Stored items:
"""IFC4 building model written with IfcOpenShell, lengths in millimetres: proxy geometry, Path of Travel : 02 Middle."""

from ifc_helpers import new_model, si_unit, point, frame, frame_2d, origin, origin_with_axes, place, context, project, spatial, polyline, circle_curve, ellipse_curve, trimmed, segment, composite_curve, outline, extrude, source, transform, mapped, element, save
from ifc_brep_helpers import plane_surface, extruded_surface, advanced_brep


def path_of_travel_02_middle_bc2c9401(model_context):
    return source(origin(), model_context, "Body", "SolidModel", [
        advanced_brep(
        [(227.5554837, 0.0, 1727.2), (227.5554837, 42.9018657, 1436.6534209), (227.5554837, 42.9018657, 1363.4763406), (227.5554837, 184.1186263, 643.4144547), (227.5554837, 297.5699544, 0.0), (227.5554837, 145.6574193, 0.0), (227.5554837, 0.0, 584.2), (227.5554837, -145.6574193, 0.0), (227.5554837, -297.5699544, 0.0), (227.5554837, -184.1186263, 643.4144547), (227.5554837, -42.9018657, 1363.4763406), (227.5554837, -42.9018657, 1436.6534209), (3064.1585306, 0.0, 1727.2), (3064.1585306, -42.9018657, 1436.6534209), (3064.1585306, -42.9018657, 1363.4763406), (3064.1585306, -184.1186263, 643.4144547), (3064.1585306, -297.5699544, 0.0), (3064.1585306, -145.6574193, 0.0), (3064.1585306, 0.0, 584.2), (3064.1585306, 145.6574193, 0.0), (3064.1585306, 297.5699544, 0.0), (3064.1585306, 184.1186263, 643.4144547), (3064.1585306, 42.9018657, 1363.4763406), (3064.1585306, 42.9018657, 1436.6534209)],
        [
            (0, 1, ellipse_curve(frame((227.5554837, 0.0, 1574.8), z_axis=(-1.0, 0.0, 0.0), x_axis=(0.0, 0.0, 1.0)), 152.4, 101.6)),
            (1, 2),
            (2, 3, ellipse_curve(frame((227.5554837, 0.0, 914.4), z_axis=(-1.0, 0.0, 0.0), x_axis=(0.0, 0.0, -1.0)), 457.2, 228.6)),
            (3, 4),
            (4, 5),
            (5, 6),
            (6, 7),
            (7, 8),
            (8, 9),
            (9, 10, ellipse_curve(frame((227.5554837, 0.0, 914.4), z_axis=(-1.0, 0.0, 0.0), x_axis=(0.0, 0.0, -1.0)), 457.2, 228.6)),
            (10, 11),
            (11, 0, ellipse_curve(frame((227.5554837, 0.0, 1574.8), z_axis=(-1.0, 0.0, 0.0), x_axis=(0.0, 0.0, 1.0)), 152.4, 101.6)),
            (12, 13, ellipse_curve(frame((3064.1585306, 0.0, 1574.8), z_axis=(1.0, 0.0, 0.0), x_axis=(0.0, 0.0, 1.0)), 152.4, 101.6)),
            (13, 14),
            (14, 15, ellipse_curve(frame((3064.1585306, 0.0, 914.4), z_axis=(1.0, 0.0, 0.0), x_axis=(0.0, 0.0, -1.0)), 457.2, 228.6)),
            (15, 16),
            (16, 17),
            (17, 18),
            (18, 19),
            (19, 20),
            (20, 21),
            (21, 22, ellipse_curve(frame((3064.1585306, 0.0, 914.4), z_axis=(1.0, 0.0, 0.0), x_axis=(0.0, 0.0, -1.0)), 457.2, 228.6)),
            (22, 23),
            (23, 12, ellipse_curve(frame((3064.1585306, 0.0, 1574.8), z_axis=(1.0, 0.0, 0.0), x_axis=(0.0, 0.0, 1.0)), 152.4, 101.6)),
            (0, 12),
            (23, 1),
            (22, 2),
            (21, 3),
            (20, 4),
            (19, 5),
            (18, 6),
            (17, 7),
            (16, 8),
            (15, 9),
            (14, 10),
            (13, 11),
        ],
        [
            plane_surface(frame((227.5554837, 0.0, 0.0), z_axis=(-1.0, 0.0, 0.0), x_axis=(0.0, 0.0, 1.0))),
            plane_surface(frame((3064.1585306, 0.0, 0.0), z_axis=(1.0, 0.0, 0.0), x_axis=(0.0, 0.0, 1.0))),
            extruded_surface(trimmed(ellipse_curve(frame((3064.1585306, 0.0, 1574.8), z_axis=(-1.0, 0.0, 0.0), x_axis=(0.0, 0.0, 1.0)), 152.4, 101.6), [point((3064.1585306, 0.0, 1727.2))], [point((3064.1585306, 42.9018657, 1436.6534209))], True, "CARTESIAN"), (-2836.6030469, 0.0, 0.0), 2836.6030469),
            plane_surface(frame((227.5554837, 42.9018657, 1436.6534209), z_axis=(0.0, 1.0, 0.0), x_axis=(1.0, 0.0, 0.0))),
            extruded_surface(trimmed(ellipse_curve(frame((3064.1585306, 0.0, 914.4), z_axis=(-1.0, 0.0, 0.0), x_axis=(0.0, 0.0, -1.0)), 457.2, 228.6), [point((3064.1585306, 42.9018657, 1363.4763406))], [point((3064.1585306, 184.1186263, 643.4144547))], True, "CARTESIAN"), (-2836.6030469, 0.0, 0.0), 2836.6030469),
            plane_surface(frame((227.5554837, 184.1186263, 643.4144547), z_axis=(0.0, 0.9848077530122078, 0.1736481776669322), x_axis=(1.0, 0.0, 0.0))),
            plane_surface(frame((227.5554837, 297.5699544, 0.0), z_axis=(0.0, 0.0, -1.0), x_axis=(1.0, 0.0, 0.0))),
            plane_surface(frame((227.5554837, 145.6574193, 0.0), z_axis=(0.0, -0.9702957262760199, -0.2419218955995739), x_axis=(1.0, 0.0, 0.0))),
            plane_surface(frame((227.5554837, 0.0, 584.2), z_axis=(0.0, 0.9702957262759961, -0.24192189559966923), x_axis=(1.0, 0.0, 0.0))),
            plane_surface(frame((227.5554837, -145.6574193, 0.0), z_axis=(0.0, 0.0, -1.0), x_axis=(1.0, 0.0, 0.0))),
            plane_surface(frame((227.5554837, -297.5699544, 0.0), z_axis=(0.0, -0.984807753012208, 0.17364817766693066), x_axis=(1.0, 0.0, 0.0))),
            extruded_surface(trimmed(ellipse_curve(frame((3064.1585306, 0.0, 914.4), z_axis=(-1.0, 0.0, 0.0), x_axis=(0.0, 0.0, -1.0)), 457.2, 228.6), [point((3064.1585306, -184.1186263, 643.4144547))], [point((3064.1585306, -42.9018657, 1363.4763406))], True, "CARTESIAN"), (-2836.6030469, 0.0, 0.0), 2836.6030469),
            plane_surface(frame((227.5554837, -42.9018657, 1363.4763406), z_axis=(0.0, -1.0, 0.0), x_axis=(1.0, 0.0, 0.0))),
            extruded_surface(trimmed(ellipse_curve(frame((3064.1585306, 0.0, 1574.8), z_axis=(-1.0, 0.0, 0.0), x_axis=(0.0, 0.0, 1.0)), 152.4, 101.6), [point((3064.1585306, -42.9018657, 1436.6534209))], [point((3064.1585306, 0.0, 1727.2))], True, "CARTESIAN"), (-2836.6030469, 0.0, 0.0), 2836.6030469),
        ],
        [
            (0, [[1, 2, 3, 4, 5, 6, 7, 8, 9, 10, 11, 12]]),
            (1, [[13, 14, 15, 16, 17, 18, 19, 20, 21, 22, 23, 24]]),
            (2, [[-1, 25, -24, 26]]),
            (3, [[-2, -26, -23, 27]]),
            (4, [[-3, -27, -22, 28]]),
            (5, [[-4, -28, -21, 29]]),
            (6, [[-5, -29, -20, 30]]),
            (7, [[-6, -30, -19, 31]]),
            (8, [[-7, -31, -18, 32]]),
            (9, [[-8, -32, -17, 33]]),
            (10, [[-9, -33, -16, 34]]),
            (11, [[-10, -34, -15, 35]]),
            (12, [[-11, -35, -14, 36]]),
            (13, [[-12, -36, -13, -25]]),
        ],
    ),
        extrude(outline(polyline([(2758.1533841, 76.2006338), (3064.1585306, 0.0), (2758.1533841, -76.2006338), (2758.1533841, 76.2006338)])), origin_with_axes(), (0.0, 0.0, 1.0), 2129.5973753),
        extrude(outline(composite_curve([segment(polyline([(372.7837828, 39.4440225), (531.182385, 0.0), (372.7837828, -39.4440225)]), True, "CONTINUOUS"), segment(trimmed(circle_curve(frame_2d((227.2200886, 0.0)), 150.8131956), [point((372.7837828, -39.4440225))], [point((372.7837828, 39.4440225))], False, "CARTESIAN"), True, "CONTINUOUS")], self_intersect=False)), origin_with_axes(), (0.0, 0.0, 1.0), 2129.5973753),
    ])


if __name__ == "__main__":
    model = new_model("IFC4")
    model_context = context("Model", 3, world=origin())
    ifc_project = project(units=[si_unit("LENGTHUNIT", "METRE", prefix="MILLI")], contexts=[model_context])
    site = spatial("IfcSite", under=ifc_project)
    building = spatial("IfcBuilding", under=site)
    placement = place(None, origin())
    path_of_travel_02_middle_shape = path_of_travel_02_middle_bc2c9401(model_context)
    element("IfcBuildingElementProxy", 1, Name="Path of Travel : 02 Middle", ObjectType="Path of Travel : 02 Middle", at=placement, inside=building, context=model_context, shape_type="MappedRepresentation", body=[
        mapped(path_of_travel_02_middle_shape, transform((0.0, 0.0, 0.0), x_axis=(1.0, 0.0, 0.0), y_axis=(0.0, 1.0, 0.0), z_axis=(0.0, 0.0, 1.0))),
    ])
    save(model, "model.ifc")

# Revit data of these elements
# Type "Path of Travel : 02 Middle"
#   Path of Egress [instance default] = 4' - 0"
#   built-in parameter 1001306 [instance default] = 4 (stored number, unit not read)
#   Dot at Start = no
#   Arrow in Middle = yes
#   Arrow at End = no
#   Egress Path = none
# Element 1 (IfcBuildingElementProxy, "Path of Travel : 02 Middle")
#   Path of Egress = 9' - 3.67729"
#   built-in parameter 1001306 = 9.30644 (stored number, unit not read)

■ Exercise brief ■
Report every line of the data in which "save" appears.

■ Exercise solution ■
from ifc_helpers import new_model, si_unit, point, frame, frame_2d, origin, origin_with_axes, place, context, project, spatial, polyline, circle_curve, ellipse_curve, trimmed, segment, composite_curve, outline, extrude, source, transform, mapped, element, save
    save(model, "model.ifc")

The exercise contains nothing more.